Generate.Quality.Address.AllowBlankPostcode
If disabled (enabled by default) then addresses without a postal code are restricted to a maximum quality score of 1.
Generate.Quality.Address.Country
With this enabled, address quality scores will receive an extra one point if the address contains a recognised country. This is disabled by default.
Generate.Quality.Address.MaxRepetition
This setting (the default is 0.7) is used when calculating the repetition level of characters within a string (in this case, all the concatenated address lines and elements). For example, the string “Heheheb” contains seven characters, six of which are involved in repeated sequences (he: hehehe); the repetition level is thus calculated as 6/7=0.857, which exceeds the max repetition level and will therefore be flagged as nonsense and achieve a quality score of 0.
Generate.Quality.Address.Premise
With this enabled, address quality scores will receive an extra one point if the address contains a premise number.

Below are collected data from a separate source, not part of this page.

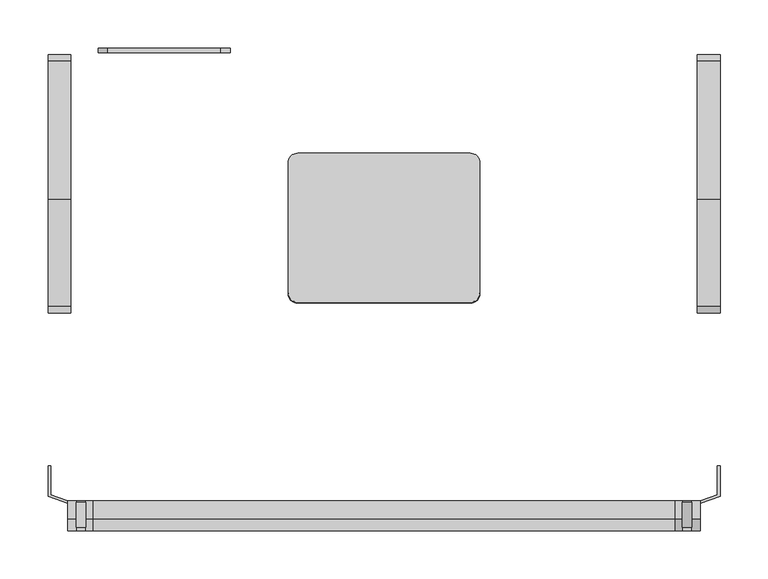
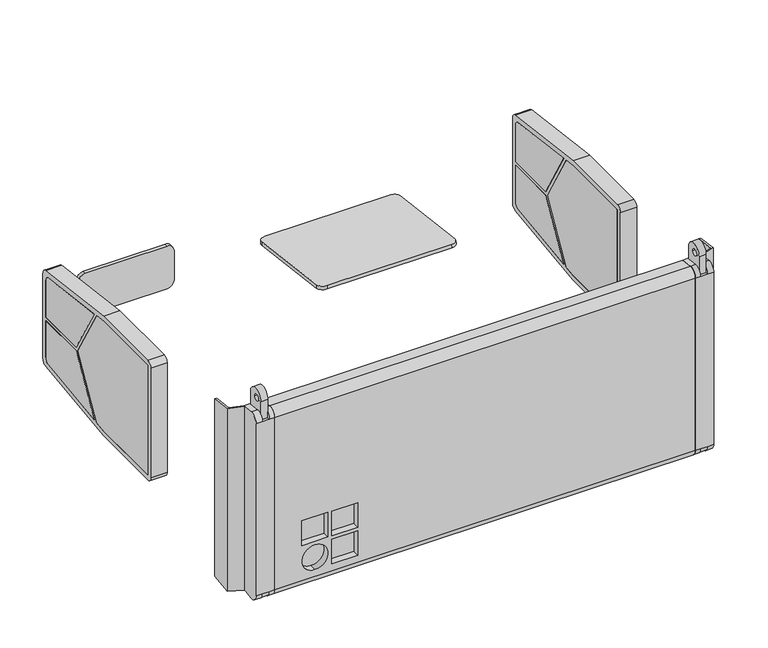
"""IFC4 building model written with IfcOpenShell, lengths in millimetres: proxy geometry, d&b SL-Series XSLi : XSLi12."""

from ifc_helpers import new_model, si_unit, point, frame, frame_2d, origin, place, context, project, spatial, polyline, circle_curve, trimmed, segment, composite_curve, outline, extrude, faceted_brep, source, transform, mapped, element, save
from ifc_brep_helpers import plane_surface, cylinder_surface, revolved_surface, advanced_brep


def communication_devices_4245e99e(model_context):
    return source(origin(), model_context, "Body", "SolidModel", [
        extrude(outline(composite_curve([segment(trimmed(circle_curve(frame_2d((119.6410514, 66.6180129)), 7.5), [point((120.5875427, 74.0580501))], [point((127.1410514, 66.6180129))], False, "CARTESIAN"), True, "CONTINUOUS"), segment(polyline([(127.1410514, 66.6180129), (127.1410514, 10.5484681), (51.7834, 10.5484681), (6.7553622, 88.5393174), (120.5875427, 74.0580501)]), True, "CONTINUOUS")], self_intersect=False)), frame((150.0, 0.0, 0.0), z_axis=(1.0, 0.0, 0.0), x_axis=(0.0, 1.0, 0.0)), (0.0, 0.0, 1.0), 23.6),
        extrude(outline(composite_curve([segment(polyline([(120.5875427, -57.9611139), (6.7552861, -72.4423908), (51.7833295, 5.5484681), (127.1410514, 5.5484681), (127.1410514, -50.5210766)]), True, "CONTINUOUS"), segment(trimmed(circle_curve(frame_2d((119.6410514, -50.5210766)), 7.5), [point((127.1410514, -50.5210766))], [point((120.5875427, -57.9611139))], False, "CARTESIAN"), True, "CONTINUOUS")], self_intersect=False)), frame((150.0, 0.0, 0.0), z_axis=(1.0, 0.0, 0.0), x_axis=(0.0, 1.0, 0.0)), (0.0, 0.0, 1.0), 23.6),
        extrude(outline(polyline([(-126.8744027, 91.5485291), (-16.8989996, 91.5485291), (0.5241915, 89.3320216), (47.4532377, 8.0485291), (0.5241154, -73.2350951), (-16.8980401, -75.4514709), (-126.8744027, -75.4514709), (-126.8744027, 91.5485291)])), frame((150.0, 0.0, 0.0), z_axis=(1.0, 0.0, 0.0), x_axis=(0.0, 1.0, 0.0)), (0.0, 0.0, 1.0), 23.6),
        extrude(outline(composite_curve([segment(trimmed(circle_curve(frame_2d((-126.8744027, -75.4514709)), 7.5), [point((-126.8744027, -82.9514709))], [point((-134.3744027, -75.4514709))], False, "CARTESIAN"), True, "CONTINUOUS"), segment(polyline([(-134.3744027, -75.4514709), (-134.3744027, 91.5485291)]), True, "CONTINUOUS"), segment(trimmed(circle_curve(frame_2d((-126.8744027, 91.5485291)), 7.5), [point((-134.3744027, 91.5485291))], [point((-126.8744027, 99.0485291))], False, "CARTESIAN"), True, "CONTINUOUS"), segment(polyline([(-126.8744027, 99.0485291), (-16.4238546, 99.0485291), (128.0875427, 80.6643766)]), True, "CONTINUOUS"), segment(trimmed(circle_curve(frame_2d((127.1410514, 73.2243394)), 7.5), [point((128.0875427, 80.6643766))], [point((134.6410514, 73.2243394))], False, "CARTESIAN"), True, "CONTINUOUS"), segment(polyline([(134.6410514, 73.2243394), (134.6410514, -57.1274031)]), True, "CONTINUOUS"), segment(trimmed(circle_curve(frame_2d((127.1410514, -57.1274031)), 7.5), [point((134.6410514, -57.1274031))], [point((128.0875427, -64.5674404))], False, "CARTESIAN"), True, "CONTINUOUS"), segment(polyline([(128.0875427, -64.5674404), (-16.422895, -82.9514709), (-126.8744027, -82.9514709)]), True, "CONTINUOUS")], self_intersect=False), holes=[polyline([(-126.8744027, 91.5485291), (-126.8744027, -75.4514709), (-16.8980401, -75.4514709), (0.5241154, -73.2350951), (47.4532377, 8.0485291), (0.5241915, 89.3320216), (-16.8989996, 91.5485291), (-126.8744027, 91.5485291)]), composite_curve([segment(polyline([(6.7552861, -72.4423908), (120.5875427, -57.9611139)]), True, "CONTINUOUS"), segment(trimmed(circle_curve(frame_2d((119.6410514, -50.5210766)), 7.5), [point((120.5875427, -57.9611139))], [point((127.1410514, -50.5210766))], True, "CARTESIAN"), True, "CONTINUOUS"), segment(polyline([(127.1410514, -50.5210766), (127.1410514, 5.5484681), (51.7833295, 5.5484681), (6.7552861, -72.4423908)]), True, "CONTINUOUS")], self_intersect=False), composite_curve([segment(polyline([(51.7834, 10.5484681), (127.1410514, 10.5484681), (127.1410514, 66.6180129)]), True, "CONTINUOUS"), segment(trimmed(circle_curve(frame_2d((119.6410514, 66.6180129)), 7.5), [point((127.1410514, 66.6180129))], [point((120.5875427, 74.0580501))], True, "CARTESIAN"), True, "CONTINUOUS"), segment(polyline([(120.5875427, 74.0580501), (6.7553622, 88.5393174), (51.7834, 10.5484681)]), True, "CONTINUOUS")], self_intersect=False)]), frame((150.0, 0.0, 0.0), z_axis=(1.0, 0.0, 0.0), x_axis=(0.0, 1.0, 0.0)), (0.0, 0.0, 1.0), 23.6),
        extrude(outline(composite_curve([segment(polyline([(120.5875427, -57.9611139), (6.7552861, -72.4423908), (51.7833295, 5.5484681), (127.1410514, 5.5484681), (127.1410514, -50.5210766)]), True, "CONTINUOUS"), segment(trimmed(circle_curve(frame_2d((119.6410514, -50.5210766)), 7.5), [point((127.1410514, -50.5210766))], [point((120.5875427, -57.9611139))], False, "CARTESIAN"), True, "CONTINUOUS")], self_intersect=False)), frame((826.4, 0.0, 0.0), z_axis=(1.0, 0.0, 0.0), x_axis=(0.0, 1.0, 0.0)), (0.0, 0.0, 1.0), 23.6),
        extrude(outline(composite_curve([segment(trimmed(circle_curve(frame_2d((119.6410514, 66.6180129)), 7.5), [point((120.5875427, 74.0580501))], [point((127.1410514, 66.6180129))], False, "CARTESIAN"), True, "CONTINUOUS"), segment(polyline([(127.1410514, 66.6180129), (127.1410514, 10.5484681), (51.7834, 10.5484681), (6.7553622, 88.5393174), (120.5875427, 74.0580501)]), True, "CONTINUOUS")], self_intersect=False)), frame((826.4, 0.0, 0.0), z_axis=(1.0, 0.0, 0.0), x_axis=(0.0, 1.0, 0.0)), (0.0, 0.0, 1.0), 23.6),
        extrude(outline(polyline([(-126.8744027, 91.5485291), (-16.8989996, 91.5485291), (0.5241915, 89.3320216), (47.4532377, 8.0485291), (0.5241154, -73.2350951), (-16.8980401, -75.4514709), (-126.8744027, -75.4514709), (-126.8744027, 91.5485291)])), frame((826.4, 0.0, 0.0), z_axis=(1.0, 0.0, 0.0), x_axis=(0.0, 1.0, 0.0)), (0.0, 0.0, 1.0), 23.6),
        extrude(outline(composite_curve([segment(trimmed(circle_curve(frame_2d((-126.8744027, -75.4514709)), 7.5), [point((-126.8744027, -82.9514709))], [point((-134.3744027, -75.4514709))], False, "CARTESIAN"), True, "CONTINUOUS"), segment(polyline([(-134.3744027, -75.4514709), (-134.3744027, 91.5485291)]), True, "CONTINUOUS"), segment(trimmed(circle_curve(frame_2d((-126.8744027, 91.5485291)), 7.5), [point((-134.3744027, 91.5485291))], [point((-126.8744027, 99.0485291))], False, "CARTESIAN"), True, "CONTINUOUS"), segment(polyline([(-126.8744027, 99.0485291), (-16.4238546, 99.0485291), (128.0875427, 80.6643766)]), True, "CONTINUOUS"), segment(trimmed(circle_curve(frame_2d((127.1410514, 73.2243394)), 7.5), [point((128.0875427, 80.6643766))], [point((134.6410514, 73.2243394))], False, "CARTESIAN"), True, "CONTINUOUS"), segment(polyline([(134.6410514, 73.2243394), (134.6410514, -57.1274031)]), True, "CONTINUOUS"), segment(trimmed(circle_curve(frame_2d((127.1410514, -57.1274031)), 7.5), [point((134.6410514, -57.1274031))], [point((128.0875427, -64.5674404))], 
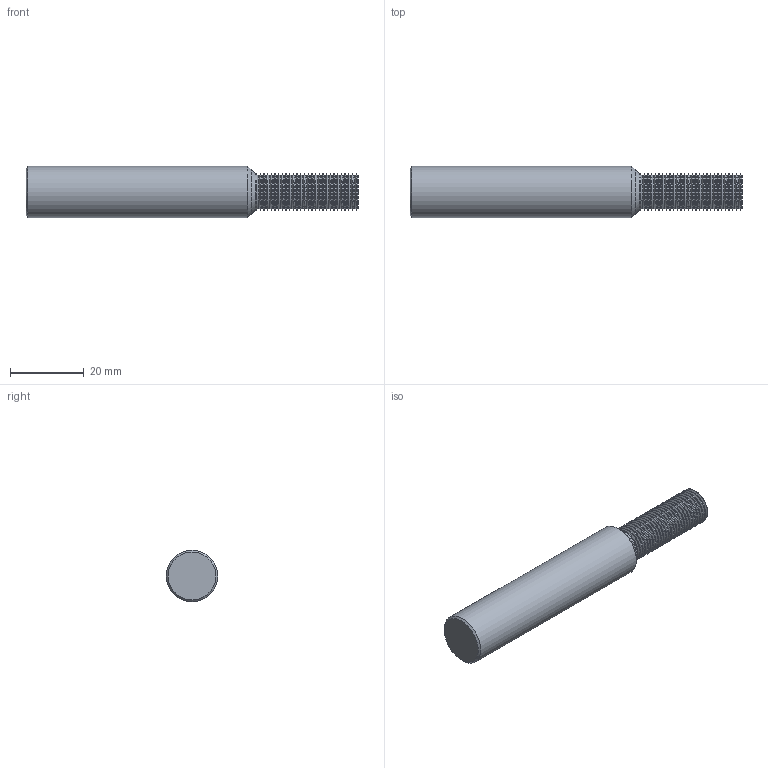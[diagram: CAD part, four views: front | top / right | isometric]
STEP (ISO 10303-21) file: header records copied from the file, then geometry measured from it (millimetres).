
FILE_DESCRIPTION(/* description */ (''),/* implementation_level */ '2;1');
FILE_NAME(/* name */ '00036362-TDM',/* time_stamp */ '2024-02-14T08:45:12+01:00',/* author */ (''),/* organization */ (''),/* preprocessor_version */ 'ST-DEVELOPER v16.5',/* originating_system */ 'HiCAD 2017 2201.0 Build 268',/* authorisation */ '');
FILE_SCHEMA (('AUTOMOTIVE_DESIGN { 1 0 10303 214 1 1 1 1 }'));
Length unit declared in the file: millimetre
Products named in the file (3): Root; ROTATIONSTEIL_0
Assembly tree (2 placements, depth 3):
  Root
    ROTATIONSTEIL_0
      ROTATIONSTEIL_0
Bounding box: 90 x 14 x 14 mm (x, y, z)
Volume: 11360.4 mm3; surface area: 4476.7 mm2
Topology: 2 solids, 2 shells, 174 faces, 345 edges, 175 vertices
Faces by surface type: cone 58, cylinder 57, torus 55, plane 4
Full cylindrical faces by diameter (mm): 8.832 x28, 9.9 x28, 14 x1
Entity records: 5244 total; most frequent: DIRECTION 700, CARTESIAN_POINT 522, AXIS2_PLACEMENT_3D 350, PRESENTATION_STYLE_ASSIGNMENT 346, COLOUR_RGB 346, DRAUGHTING_PRE_DEFINED_CURVE_FONT 344, CURVE_STYLE 344, OVER_RIDING_STYLED_ITEM 344

This is disabled by default.
Generate.Quality.Address.Region
With this enabled (the default), address quality scores will receive an extra one point if the address contains a recognised region (e.g. county or state).
Generate.Quality.Email.MaxRepetition
(See Settings.Generate.Quality.Address.MaxRepetition, above.)
Generate.Quality.Email.WebmailFiltering
If enabled (default) then email addresses that use webmail provider (such as Hotmail, Yahoo, & mail.com) domains are restricted to a maximum quality score of 7.
Generate.Quality.Name.MaxRepetition
(See Settings.Generate.Quality.Address.MaxRepetition, above.)
Generate.ReportUnrecognisedWords
This can specify a callback function that is used to notify the calling application of any unrecognised words (i.e. not found within names.dat) that are encountered when parsing records. The callback function is implemented as an object of a user-defined class that derives from matchIT.IReportUnrecognisedWords.
Generate.SpecialCaseMac
Where a last name begins with Mac, when formatting salutations, the matchIT API follows this with a small letter or a capital letter, depending on this property. A value of True will mean that MACLEAN will be formatted as MacLean. You can add exceptions to the rule (e.g. Maccabee, Macclesfield, MacKay, Mackie) to the NAMES.DAT file. If you invariably want to use a lower case letter following Mac, set this property to False.
NB: Names beginning Mach are always formatted with a lower case H, e.g. Machin, Machinery. Names beginning Mc are formatted with a capital letter following, if they are greater than 3 characters long.
Generate.VariableKeysMaxLength
This specifies the maximum length of various variable-length phonetic keys created when a record is generated. Such keys are PhoneticLastName, PhoneticFirstName, PhoneticMiddleName, PhoneticOrganizationName1, PhoneticOrganizationName2, PhoneticOrganizationName3, PhoneticStreet, and PhoneticTown. The default is eight characters.